◆ Exercise instructions ◆
Output all the records below, word for word.

= Beginning of Section =

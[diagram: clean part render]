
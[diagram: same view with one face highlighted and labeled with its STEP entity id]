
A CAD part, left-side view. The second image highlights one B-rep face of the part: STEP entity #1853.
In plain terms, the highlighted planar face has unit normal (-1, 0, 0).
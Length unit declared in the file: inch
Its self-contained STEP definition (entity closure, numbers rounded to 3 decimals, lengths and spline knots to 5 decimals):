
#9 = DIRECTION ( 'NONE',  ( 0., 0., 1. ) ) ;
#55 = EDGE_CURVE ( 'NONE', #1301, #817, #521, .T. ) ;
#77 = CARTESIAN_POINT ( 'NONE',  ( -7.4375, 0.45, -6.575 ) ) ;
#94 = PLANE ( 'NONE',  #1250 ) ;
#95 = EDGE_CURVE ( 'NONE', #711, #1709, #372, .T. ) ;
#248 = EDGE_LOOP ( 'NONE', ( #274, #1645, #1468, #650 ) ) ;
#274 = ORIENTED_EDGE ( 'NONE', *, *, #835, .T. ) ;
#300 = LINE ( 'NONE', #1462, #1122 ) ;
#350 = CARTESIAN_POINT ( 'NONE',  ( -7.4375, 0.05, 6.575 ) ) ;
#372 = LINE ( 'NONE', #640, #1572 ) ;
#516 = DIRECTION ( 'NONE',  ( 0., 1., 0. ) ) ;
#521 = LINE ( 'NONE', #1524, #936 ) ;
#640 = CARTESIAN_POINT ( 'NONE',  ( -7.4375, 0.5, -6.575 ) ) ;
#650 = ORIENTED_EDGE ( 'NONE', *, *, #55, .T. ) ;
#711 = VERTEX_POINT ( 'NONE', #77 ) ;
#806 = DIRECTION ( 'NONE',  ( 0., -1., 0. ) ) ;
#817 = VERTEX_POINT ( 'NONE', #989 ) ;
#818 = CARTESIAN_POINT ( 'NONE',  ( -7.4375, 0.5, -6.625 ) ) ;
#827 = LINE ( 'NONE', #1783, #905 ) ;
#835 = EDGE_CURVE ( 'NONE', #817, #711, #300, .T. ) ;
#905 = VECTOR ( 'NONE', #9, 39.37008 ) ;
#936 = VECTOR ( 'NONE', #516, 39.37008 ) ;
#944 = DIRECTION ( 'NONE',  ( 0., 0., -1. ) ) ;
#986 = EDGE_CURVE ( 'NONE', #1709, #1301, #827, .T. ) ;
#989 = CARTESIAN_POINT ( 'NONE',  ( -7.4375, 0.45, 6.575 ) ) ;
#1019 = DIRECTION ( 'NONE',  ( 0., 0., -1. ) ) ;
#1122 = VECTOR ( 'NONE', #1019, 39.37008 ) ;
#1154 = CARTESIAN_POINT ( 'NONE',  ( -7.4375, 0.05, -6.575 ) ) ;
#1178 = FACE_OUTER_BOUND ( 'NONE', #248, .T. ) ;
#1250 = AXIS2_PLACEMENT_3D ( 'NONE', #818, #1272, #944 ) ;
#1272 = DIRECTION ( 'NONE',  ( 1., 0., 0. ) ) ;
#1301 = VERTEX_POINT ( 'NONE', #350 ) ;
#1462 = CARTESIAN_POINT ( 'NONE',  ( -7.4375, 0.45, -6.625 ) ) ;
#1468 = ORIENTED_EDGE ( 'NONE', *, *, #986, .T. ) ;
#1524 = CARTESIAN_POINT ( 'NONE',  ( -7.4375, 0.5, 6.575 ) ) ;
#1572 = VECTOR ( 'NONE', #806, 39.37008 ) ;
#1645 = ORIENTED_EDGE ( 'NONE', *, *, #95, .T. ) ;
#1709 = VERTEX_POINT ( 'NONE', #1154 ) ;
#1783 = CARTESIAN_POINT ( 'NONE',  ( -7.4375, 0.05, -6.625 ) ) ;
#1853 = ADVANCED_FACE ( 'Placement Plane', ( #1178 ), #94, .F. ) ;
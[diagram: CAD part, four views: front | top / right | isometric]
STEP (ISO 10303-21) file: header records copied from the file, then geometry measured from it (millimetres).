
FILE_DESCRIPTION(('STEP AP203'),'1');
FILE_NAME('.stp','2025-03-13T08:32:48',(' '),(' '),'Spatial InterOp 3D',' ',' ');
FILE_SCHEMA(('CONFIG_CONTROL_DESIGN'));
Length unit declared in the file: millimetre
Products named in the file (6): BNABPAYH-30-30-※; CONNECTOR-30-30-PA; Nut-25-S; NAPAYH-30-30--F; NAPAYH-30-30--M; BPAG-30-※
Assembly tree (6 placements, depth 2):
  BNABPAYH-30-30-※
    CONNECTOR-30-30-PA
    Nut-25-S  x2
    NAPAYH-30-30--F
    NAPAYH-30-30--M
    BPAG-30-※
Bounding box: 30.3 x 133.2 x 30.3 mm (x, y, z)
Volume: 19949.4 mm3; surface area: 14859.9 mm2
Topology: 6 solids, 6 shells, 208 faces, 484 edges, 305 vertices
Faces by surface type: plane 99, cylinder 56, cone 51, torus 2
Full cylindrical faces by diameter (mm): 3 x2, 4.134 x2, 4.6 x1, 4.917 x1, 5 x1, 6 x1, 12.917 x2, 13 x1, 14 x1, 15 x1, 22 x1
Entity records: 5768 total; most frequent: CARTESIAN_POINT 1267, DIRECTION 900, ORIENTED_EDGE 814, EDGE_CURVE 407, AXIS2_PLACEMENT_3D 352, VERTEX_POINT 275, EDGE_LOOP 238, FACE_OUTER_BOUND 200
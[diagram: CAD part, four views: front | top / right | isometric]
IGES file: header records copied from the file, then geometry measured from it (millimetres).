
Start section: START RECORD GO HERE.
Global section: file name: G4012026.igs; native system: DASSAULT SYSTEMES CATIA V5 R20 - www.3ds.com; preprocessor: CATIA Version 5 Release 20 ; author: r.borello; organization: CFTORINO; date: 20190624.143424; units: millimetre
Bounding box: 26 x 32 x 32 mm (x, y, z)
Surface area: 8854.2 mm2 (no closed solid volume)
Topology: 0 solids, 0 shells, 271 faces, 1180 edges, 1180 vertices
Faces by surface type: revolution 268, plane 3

= End of Section =

◆ Exercise output ◆
[diagram: clean part render]
[diagram: same view with one face highlighted and labeled with its STEP entity id]
A CAD part, left-side view. The second image highlights one B-rep face of the part: STEP entity #1853.
In plain terms, the highlighted planar face has unit normal (-1, 0, 0).
Length unit declared in the file: inch
Its self-contained STEP definition (entity closure, numbers rounded to 3 decimals, lengths and spline knots to 5 decimals):
#9 = DIRECTION ( 'NONE',  ( 0., 0., 1. ) ) ;
#55 = EDGE_CURVE ( 'NONE', #1301, #817, #521, .T. ) ;
#77 = CARTESIAN_POINT ( 'NONE',  ( -7.4375, 0.45, -6.575 ) ) ;
#94 = PLANE ( 'NONE',  #1250 ) ;
#95 = EDGE_CURVE ( 'NONE', #711, #1709, #372, .T. ) ;
#248 = EDGE_LOOP ( 'NONE', ( #274, #1645, #1468, #650 ) ) ;
#274 = ORIENTED_EDGE ( 'NONE', *, *, #835, .T. ) ;
#300 = LINE ( 'NONE', #1462, #1122 ) ;
#350 = CARTESIAN_POINT ( 'NONE',  ( -7.4375, 0.05, 6.575 ) ) ;
#372 = LINE ( 'NONE', #640, #1572 ) ;
#516 = DIRECTION ( 'NONE',  ( 0., 1., 0. ) ) ;
#521 = LINE ( 'NONE', #1524, #936 ) ;
#640 = CARTESIAN_POINT ( 'NONE',  ( -7.4375, 0.5, -6.575 ) ) ;
#650 = ORIENTED_EDGE ( 'NONE', *, *, #55, .T. ) ;
#711 = VERTEX_POINT ( 'NONE', #77 ) ;
#806 = DIRECTION ( 'NONE',  ( 0., -1., 0. ) ) ;
#817 = VERTEX_POINT ( 'NONE', #989 ) ;
#818 = CARTESIAN_POINT ( 'NONE',  ( -7.4375, 0.5, -6.625 ) ) ;
#827 = LINE ( 'NONE', #1783, #905 ) ;
#835 = EDGE_CURVE ( 'NONE', #817, #711, #300, .T. ) ;
#905 = VECTOR ( 'NONE', #9, 39.37008 ) ;
#936 = VECTOR ( 'NONE', #516, 39.37008 ) ;
#944 = DIRECTION ( 'NONE',  ( 0., 0., -1. ) ) ;
#986 = EDGE_CURVE ( 'NONE', #1709, #1301, #827, .T. ) ;
#989 = CARTESIAN_POINT ( 'NONE',  ( -7.4375, 0.45, 6.575 ) ) ;
#1019 = DIRECTION ( 'NONE',  ( 0., 0., -1. ) ) ;
#1122 = VECTOR ( 'NONE', #1019, 39.37008 ) ;
#1154 = CARTESIAN_POINT ( 'NONE',  ( -7.4375, 0.05, -6.575 ) ) ;
#1178 = FACE_OUTER_BOUND ( 'NONE', #248, .T. ) ;
#1250 = AXIS2_PLACEMENT_3D ( 'NONE', #818, #1272, #944 ) ;
#1272 = DIRECTION ( 'NONE',  ( 1., 0., 0. ) ) ;
#1301 = VERTEX_POINT ( 'NONE', #350 ) ;
#1462 = CARTESIAN_POINT ( 'NONE',  ( -7.4375, 0.45, -6.625 ) ) ;
#1468 = ORIENTED_EDGE ( 'NONE', *, *, #986, .T. ) ;
#1524 = CARTESIAN_POINT ( 'NONE',  ( -7.4375, 0.5, 6.575 ) ) ;
#1572 = VECTOR ( 'NONE', #806, 39.37008 ) ;
#1645 = ORIENTED_EDGE ( 'NONE', *, *, #95, .T. ) ;
#1709 = VERTEX_POINT ( 'NONE', #1154 ) ;
#1783 = CARTESIAN_POINT ( 'NONE',  ( -7.4375, 0.05, -6.625 ) ) ;
#1853 = ADVANCED_FACE ( 'Placement Plane', ( #1178 ), #94, .F. ) ;
[diagram: CAD part, four views: front | top / right | isometric]
STEP (ISO 10303-21) file: header records copied from the file, then geometry measured from it (millimetres).
FILE_DESCRIPTION(('STEP AP203'),'1');
FILE_NAME('.stp','2025-03-13T08:32:48',(' '),(' '),'Spatial InterOp 3D',' ',' ');
FILE_SCHEMA(('CONFIG_CONTROL_DESIGN'));
Length unit declared in the file: millimetre
Products named in the file (6): BNABPAYH-30-30-※; CONNECTOR-30-30-PA; Nut-25-S; NAPAYH-30-30--F; NAPAYH-30-30--M; BPAG-30-※
Assembly tree (6 placements, depth 2):
  BNABPAYH-30-30-※
    CONNECTOR-30-30-PA
    Nut-25-S  x2
    NAPAYH-30-30--F
    NAPAYH-30-30--M
    BPAG-30-※
Bounding box: 30.3 x 133.2 x 30.3 mm (x, y, z)
Volume: 19949.4 mm3; surface area: 14859.9 mm2
Topology: 6 solids, 6 shells, 208 faces, 484 edges, 305 vertices
Faces by surface type: plane 99, cylinder 56, cone 51, torus 2
Full cylindrical faces by diameter (mm): 3 x2, 4.134 x2, 4.6 x1, 4.917 x1, 5 x1, 6 x1, 12.917 x2, 13 x1, 14 x1, 15 x1, 22 x1
Entity records: 5768 total; most frequent: CARTESIAN_POINT 1267, DIRECTION 900, ORIENTED_EDGE 814, EDGE_CURVE 407, AXIS2_PLACEMENT_3D 352, VERTEX_POINT 275, EDGE_LOOP 238, FACE_OUTER_BOUND 200
[diagram: CAD part, four views: front | top / right | isometric]
IGES file: header records copied from the file, then geometry measured from it (millimetres).
Start section: START RECORD GO HERE.
Global section: file name: G4012026.igs; native system: DASSAULT SYSTEMES CATIA V5 R20 - www.3ds.com; preprocessor: CATIA Version 5 Release 20 ; author: r.borello; organization: CFTORINO; date: 20190624.143424; units: millimetre
Bounding box: 26 x 32 x 32 mm (x, y, z)
Surface area: 8854.2 mm2 (no closed solid volume)
Topology: 0 solids, 0 shells, 271 faces, 1180 edges, 1180 vertices
Faces by surface type: revolution 268, plane 3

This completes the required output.